» What the exercise asks:
Return the records below exactly; pictures stay out.

» Exercise inputs:

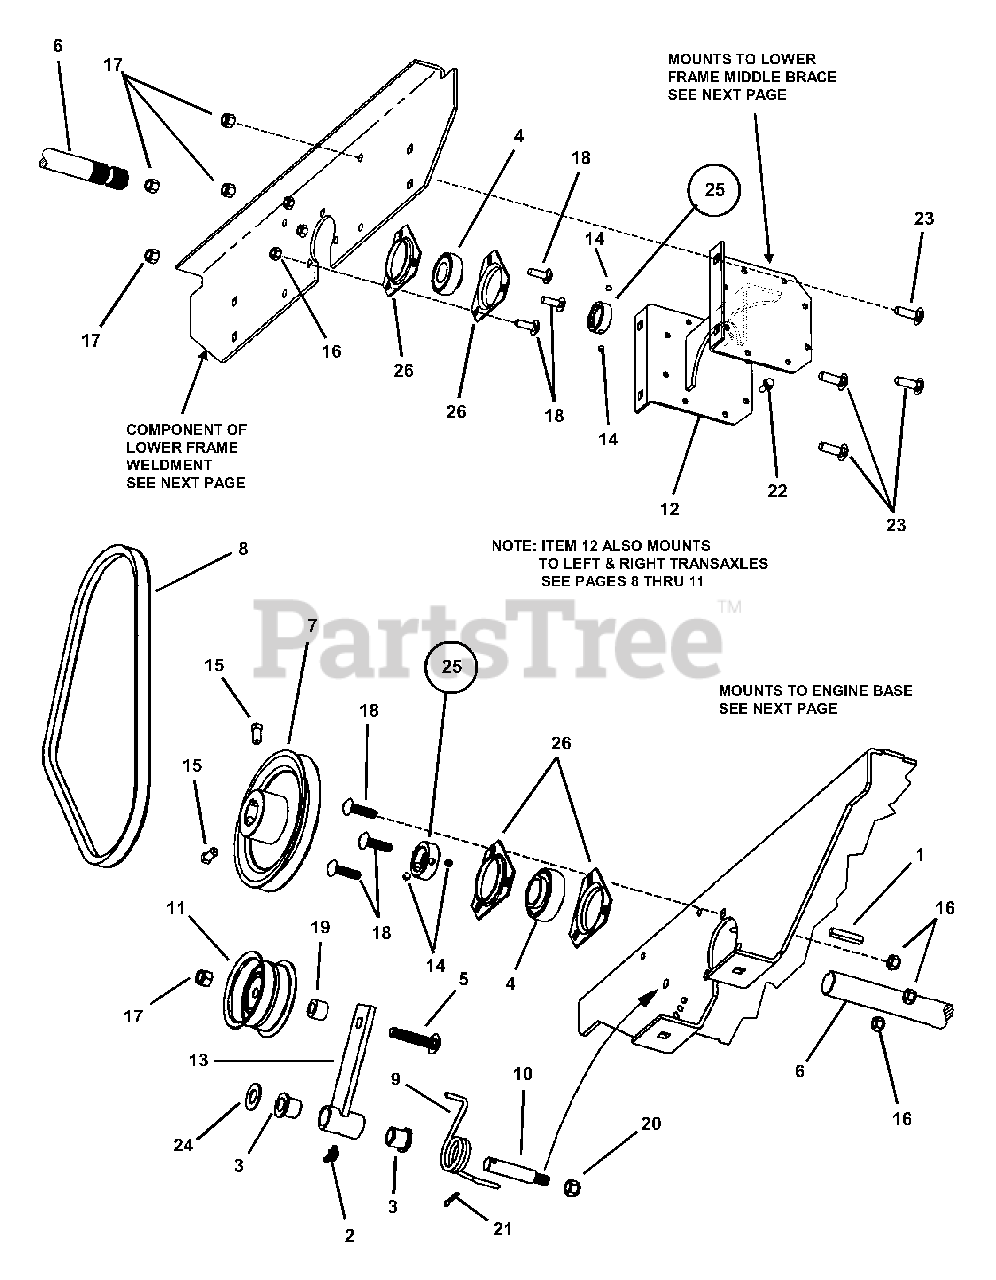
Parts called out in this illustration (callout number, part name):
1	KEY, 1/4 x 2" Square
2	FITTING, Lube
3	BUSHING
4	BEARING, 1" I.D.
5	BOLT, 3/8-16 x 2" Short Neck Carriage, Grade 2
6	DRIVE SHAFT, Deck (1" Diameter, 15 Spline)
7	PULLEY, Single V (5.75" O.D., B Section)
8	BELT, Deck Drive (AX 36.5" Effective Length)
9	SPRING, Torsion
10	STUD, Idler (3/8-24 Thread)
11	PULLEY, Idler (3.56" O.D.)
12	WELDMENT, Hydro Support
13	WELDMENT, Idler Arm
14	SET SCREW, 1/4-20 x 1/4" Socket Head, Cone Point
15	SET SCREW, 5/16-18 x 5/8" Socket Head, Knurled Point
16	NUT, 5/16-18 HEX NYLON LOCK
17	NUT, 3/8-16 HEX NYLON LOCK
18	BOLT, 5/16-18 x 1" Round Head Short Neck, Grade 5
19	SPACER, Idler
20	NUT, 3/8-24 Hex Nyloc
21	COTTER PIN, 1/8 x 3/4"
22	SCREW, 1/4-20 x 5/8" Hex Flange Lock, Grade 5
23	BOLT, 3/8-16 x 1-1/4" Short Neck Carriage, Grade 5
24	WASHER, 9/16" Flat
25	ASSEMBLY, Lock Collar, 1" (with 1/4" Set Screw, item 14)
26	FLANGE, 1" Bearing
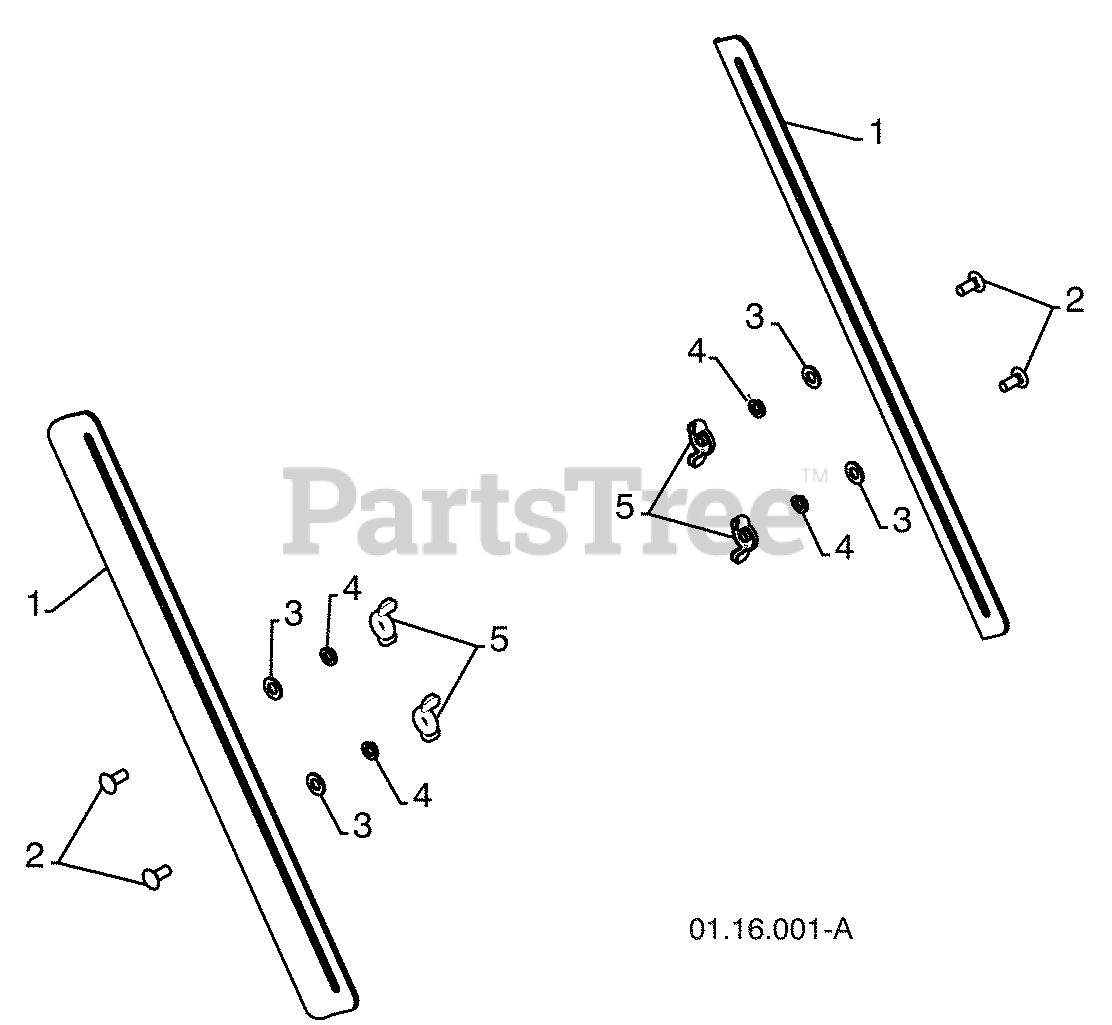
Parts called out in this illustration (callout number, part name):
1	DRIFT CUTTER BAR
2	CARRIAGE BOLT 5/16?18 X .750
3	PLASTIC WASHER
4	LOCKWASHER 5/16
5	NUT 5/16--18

» Output for this exercise:
Parts called out in this illustration (callout number, part name):
1	KEY, 1/4 x 2" Square
2	FITTING, Lube
3	BUSHING
4	BEARING, 1" I.D.
5	BOLT, 3/8-16 x 2" Short Neck Carriage, Grade 2
6	DRIVE SHAFT, Deck (1" Diameter, 15 Spline)
7	PULLEY, Single V (5.75" O.D., B Section)
8	BELT, Deck Drive (AX 36.5" Effective Length)
9	SPRING, Torsion
10	STUD, Idler (3/8-24 Thread)
11	PULLEY, Idler (3.56" O.D.)
12	WELDMENT, Hydro Support
13	WELDMENT, Idler Arm
14	SET SCREW, 1/4-20 x 1/4" Socket Head, Cone Point
15	SET SCREW, 5/16-18 x 5/8" Socket Head, Knurled Point
16	NUT, 5/16-18 HEX NYLON LOCK
17	NUT, 3/8-16 HEX NYLON LOCK
18	BOLT, 5/16-18 x 1" Round Head Short Neck, Grade 5
19	SPACER, Idler
20	NUT, 3/8-24 Hex Nyloc
21	COTTER PIN, 1/8 x 3/4"
22	SCREW, 1/4-20 x 5/8" Hex Flange Lock, Grade 5
23	BOLT, 3/8-16 x 1-1/4" Short Neck Carriage, Grade 5
24	WASHER, 9/16" Flat
25	ASSEMBLY, Lock Collar, 1" (with 1/4" Set Screw, item 14)
26	FLANGE, 1" Bearing
Parts called out in this illustration (callout number, part name):
1	DRIFT CUTTER BAR
2	CARRIAGE BOLT 5/16?18 X .750
3	PLASTIC WASHER
4	LOCKWASHER 5/16
5	NUT 5/16--18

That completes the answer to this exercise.